• [MATERIAL PROVIDED]
=== Begin Enclosure ===
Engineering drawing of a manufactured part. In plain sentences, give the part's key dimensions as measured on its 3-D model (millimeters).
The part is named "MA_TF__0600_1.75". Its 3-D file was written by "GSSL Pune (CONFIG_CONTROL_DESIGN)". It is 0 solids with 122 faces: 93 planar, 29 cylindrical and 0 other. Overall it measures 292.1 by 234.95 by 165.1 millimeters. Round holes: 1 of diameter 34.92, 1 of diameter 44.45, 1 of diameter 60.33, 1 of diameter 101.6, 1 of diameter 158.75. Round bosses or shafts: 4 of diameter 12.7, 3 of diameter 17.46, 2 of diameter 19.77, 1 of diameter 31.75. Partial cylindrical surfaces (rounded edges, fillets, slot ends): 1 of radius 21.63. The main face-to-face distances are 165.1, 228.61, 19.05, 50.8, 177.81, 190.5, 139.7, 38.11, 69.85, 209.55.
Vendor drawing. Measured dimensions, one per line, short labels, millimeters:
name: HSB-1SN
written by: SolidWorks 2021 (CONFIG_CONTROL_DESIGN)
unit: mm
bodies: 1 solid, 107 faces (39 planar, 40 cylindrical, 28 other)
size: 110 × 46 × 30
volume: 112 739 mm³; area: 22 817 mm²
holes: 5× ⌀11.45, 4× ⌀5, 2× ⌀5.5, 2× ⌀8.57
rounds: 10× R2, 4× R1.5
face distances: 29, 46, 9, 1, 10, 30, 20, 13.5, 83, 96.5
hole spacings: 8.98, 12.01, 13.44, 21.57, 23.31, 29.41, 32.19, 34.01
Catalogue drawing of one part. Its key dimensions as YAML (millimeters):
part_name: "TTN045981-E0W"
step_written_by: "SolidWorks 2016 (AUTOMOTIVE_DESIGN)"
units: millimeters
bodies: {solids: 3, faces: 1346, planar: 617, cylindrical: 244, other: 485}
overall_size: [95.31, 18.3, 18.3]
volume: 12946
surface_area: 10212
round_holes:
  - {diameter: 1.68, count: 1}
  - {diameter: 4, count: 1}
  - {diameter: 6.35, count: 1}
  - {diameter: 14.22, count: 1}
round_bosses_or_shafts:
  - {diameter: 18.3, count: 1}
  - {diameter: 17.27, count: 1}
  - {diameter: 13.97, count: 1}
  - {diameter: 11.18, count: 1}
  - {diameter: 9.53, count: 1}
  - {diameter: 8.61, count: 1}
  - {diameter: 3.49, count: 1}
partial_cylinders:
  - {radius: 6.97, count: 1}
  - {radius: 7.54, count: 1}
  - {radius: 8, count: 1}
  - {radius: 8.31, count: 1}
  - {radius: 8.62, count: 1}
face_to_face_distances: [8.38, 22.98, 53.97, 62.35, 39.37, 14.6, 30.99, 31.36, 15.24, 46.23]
=== End Enclosure ===
• [ABOUT THIS TASK] Output the entire listing precisely as it stands.

• [RESPONSE TO THIS TASK]
Engineering drawing of a manufactured part. In plain sentences, give the part's key dimensions as measured on its 3-D model (millimeters).
The part is named "MA_TF__0600_1.75". Its 3-D file was written by "GSSL Pune (CONFIG_CONTROL_DESIGN)". It is 0 solids with 122 faces: 93 planar, 29 cylindrical and 0 other. Overall it measures 292.1 by 234.95 by 165.1 millimeters. Round holes: 1 of diameter 34.92, 1 of diameter 44.45, 1 of diameter 60.33, 1 of diameter 101.6, 1 of diameter 158.75. Round bosses or shafts: 4 of diameter 12.7, 3 of diameter 17.46, 2 of diameter 19.77, 1 of diameter 31.75. Partial cylindrical surfaces (rounded edges, fillets, slot ends): 1 of radius 21.63. The main face-to-face distances are 165.1, 228.61, 19.05, 50.8, 177.81, 190.5, 139.7, 38.11, 69.85, 209.55.
Vendor drawing. Measured dimensions, one per line, short labels, millimeters:
name: HSB-1SN
written by: SolidWorks 2021 (CONFIG_CONTROL_DESIGN)
unit: mm
bodies: 1 solid, 107 faces (39 planar, 40 cylindrical, 28 other)
size: 110 × 46 × 30
volume: 112 739 mm³; area: 22 817 mm²
holes: 5× ⌀11.45, 4× ⌀5, 2× ⌀5.5, 2× ⌀8.57
rounds: 10× R2, 4× R1.5
face distances: 29, 46, 9, 1, 10, 30, 20, 13.5, 83, 96.5
hole spacings: 8.98, 12.01, 13.44, 21.57, 23.31, 29.41, 32.19, 34.01
Catalogue drawing of one part. Its key dimensions as YAML (millimeters):
part_name: "TTN045981-E0W"
step_written_by: "SolidWorks 2016 (AUTOMOTIVE_DESIGN)"
units: millimeters
bodies: {solids: 3, faces: 1346, planar: 617, cylindrical: 244, other: 485}
overall_size: [95.31, 18.3, 18.3]
volume: 12946
surface_area: 10212
round_holes:
  - {diameter: 1.68, count: 1}
  - {diameter: 4, count: 1}
  - {diameter: 6.35, count: 1}
  - {diameter: 14.22, count: 1}
round_bosses_or_shafts:
  - {diameter: 18.3, count: 1}
  - {diameter: 17.27, count: 1}
  - {diameter: 13.97, count: 1}
  - {diameter: 11.18, count: 1}
  - {diameter: 9.53, count: 1}
  - {diameter: 8.61, count: 1}
  - {diameter: 3.49, count: 1}
partial_cylinders:
  - {radius: 6.97, count: 1}
  - {radius: 7.54, count: 1}
  - {radius: 8, count: 1}
  - {radius: 8.31, count: 1}
  - {radius: 8.62, count: 1}
face_to_face_distances: [8.38, 22.98, 53.97, 62.35, 39.37, 14.6, 30.99, 31.36, 15.24, 46.23]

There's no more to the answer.